Work request: Set down exactly, from the records below, the line with "# Drawn here: x" through the line with "each defined once", and nothing else.

Information:

========================================================================

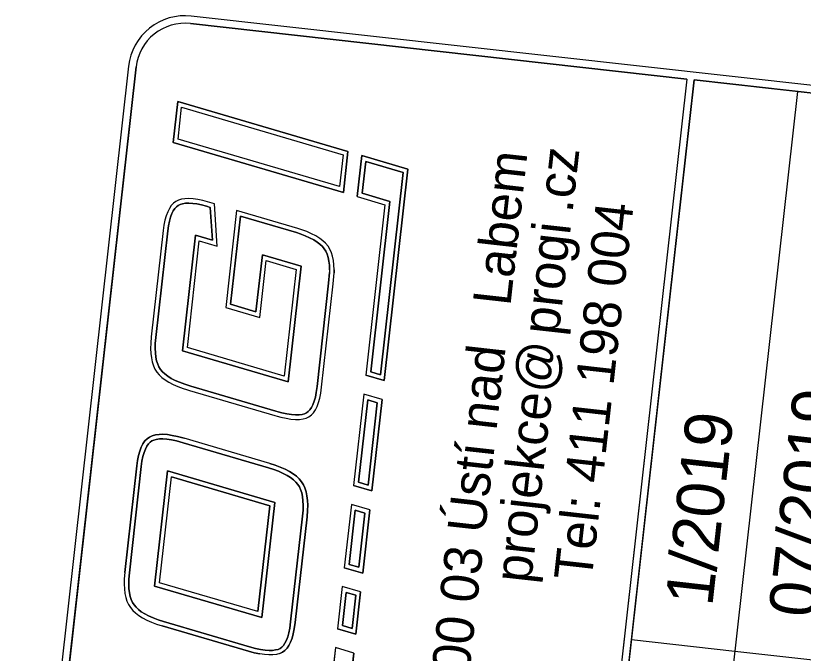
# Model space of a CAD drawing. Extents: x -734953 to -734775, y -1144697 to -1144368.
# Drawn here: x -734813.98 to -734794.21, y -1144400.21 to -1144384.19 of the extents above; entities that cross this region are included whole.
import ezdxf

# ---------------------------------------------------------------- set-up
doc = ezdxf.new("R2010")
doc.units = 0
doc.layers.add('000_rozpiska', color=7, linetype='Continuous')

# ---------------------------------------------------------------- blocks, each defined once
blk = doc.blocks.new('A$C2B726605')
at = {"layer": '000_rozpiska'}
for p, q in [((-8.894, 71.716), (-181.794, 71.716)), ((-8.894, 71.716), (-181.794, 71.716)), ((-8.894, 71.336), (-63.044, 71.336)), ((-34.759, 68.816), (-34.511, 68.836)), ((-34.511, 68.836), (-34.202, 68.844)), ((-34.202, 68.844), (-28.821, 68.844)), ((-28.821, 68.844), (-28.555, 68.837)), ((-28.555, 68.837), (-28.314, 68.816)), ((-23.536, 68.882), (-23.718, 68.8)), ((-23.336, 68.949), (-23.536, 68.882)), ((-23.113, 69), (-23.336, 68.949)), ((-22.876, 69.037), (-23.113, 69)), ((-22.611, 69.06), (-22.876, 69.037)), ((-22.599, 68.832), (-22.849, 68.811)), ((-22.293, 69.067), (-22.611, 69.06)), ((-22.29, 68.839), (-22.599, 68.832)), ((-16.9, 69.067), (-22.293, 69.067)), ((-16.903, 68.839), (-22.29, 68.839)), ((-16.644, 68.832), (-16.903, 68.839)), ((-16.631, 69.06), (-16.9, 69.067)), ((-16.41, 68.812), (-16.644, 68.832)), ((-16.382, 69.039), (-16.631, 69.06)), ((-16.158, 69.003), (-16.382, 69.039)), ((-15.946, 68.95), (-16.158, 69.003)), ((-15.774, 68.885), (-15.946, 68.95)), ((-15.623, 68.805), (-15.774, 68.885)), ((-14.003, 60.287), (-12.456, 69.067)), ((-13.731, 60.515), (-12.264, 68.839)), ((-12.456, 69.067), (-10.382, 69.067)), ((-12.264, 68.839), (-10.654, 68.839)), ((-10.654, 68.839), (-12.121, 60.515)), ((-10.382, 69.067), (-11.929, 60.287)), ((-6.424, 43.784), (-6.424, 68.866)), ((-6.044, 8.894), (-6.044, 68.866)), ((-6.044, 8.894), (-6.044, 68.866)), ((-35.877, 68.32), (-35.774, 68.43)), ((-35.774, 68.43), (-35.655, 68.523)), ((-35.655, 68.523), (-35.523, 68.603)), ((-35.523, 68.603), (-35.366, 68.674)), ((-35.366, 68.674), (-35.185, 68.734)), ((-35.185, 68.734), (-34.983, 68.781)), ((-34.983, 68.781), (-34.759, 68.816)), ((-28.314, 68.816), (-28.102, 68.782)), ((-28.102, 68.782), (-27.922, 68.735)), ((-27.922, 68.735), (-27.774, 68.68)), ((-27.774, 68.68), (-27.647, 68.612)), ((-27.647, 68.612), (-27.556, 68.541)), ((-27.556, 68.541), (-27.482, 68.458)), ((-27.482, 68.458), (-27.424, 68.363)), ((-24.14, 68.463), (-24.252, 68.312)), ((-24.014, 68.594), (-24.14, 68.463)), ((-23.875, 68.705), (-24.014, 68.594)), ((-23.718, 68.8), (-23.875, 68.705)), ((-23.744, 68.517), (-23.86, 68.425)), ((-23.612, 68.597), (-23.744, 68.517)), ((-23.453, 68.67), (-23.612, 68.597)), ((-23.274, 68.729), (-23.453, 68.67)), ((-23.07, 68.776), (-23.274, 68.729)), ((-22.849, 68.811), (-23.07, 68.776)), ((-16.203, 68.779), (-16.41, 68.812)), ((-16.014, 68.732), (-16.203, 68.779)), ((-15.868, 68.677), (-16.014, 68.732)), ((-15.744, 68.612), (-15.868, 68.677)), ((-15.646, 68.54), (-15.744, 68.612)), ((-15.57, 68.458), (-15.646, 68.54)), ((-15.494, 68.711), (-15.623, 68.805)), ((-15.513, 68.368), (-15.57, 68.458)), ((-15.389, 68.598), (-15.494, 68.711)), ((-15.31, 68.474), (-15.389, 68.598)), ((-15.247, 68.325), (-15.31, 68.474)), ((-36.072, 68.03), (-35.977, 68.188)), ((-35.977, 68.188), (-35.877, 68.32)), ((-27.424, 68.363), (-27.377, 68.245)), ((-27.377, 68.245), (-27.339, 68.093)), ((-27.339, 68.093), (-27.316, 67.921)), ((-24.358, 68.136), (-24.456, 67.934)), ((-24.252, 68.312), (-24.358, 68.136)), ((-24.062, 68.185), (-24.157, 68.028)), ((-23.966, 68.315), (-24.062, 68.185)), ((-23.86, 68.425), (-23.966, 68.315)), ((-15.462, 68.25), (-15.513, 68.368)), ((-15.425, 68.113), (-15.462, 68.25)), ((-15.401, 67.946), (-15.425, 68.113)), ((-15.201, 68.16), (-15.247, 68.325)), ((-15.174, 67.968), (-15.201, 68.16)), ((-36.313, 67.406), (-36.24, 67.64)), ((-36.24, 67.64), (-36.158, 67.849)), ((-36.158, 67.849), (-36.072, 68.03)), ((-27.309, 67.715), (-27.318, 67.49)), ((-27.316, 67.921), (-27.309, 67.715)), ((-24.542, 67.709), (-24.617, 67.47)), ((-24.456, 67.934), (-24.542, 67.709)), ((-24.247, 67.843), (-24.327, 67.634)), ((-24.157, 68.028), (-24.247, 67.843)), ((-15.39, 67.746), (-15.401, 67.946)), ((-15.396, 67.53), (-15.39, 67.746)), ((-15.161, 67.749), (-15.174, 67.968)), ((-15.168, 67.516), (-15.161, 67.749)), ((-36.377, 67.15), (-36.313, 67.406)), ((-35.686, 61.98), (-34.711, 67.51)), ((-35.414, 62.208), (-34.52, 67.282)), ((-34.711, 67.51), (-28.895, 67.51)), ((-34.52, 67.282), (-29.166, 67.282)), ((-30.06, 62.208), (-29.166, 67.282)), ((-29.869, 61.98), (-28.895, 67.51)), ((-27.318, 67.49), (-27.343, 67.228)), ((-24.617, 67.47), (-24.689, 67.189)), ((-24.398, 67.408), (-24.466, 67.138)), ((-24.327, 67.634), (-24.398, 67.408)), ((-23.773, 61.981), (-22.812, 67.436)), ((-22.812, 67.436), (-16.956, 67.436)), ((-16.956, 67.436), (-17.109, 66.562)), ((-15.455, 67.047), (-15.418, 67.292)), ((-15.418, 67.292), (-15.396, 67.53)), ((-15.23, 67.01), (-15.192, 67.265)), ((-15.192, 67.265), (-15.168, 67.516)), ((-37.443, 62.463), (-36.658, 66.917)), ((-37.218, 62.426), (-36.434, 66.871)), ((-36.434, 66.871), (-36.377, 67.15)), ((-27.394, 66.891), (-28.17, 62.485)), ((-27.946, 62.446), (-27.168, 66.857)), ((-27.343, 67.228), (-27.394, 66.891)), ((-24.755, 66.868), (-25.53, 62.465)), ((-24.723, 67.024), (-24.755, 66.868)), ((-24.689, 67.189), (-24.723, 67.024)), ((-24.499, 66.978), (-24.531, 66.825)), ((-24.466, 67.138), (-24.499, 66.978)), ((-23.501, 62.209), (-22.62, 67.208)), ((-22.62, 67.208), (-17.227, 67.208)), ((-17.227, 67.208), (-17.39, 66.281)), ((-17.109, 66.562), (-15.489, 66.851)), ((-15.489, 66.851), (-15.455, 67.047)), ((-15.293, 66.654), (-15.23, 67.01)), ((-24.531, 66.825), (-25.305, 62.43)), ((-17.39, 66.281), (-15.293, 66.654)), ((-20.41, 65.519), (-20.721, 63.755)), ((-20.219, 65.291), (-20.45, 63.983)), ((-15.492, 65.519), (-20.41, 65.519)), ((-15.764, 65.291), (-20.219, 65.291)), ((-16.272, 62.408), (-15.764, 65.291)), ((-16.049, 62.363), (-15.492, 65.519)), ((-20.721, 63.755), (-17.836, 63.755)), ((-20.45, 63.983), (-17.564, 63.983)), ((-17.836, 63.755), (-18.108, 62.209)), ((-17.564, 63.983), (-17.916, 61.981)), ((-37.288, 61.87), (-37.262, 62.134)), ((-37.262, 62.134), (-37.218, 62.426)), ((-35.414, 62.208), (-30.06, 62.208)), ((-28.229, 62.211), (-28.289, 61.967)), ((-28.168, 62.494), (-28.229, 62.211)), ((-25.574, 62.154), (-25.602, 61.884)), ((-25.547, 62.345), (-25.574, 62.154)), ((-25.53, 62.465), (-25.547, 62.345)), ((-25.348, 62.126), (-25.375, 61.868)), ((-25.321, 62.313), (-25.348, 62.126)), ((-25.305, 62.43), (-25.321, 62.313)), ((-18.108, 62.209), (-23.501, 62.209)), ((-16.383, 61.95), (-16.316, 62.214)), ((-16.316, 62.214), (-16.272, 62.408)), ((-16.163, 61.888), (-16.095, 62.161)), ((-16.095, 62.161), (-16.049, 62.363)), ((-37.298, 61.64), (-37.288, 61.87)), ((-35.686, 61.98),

========================================================================

Written response:
# Drawn here: x -734813.98 to -734794.21, y -1144400.21 to -1144384.19 of the extents above; entities that cross this region are included whole.
import ezdxf

# ---------------------------------------------------------------- set-up
doc = ezdxf.new("R2010")
doc.units = 0
doc.layers.add('000_rozpiska', color=7, linetype='Continuous')

# ---------------------------------------------------------------- blocks, each defined once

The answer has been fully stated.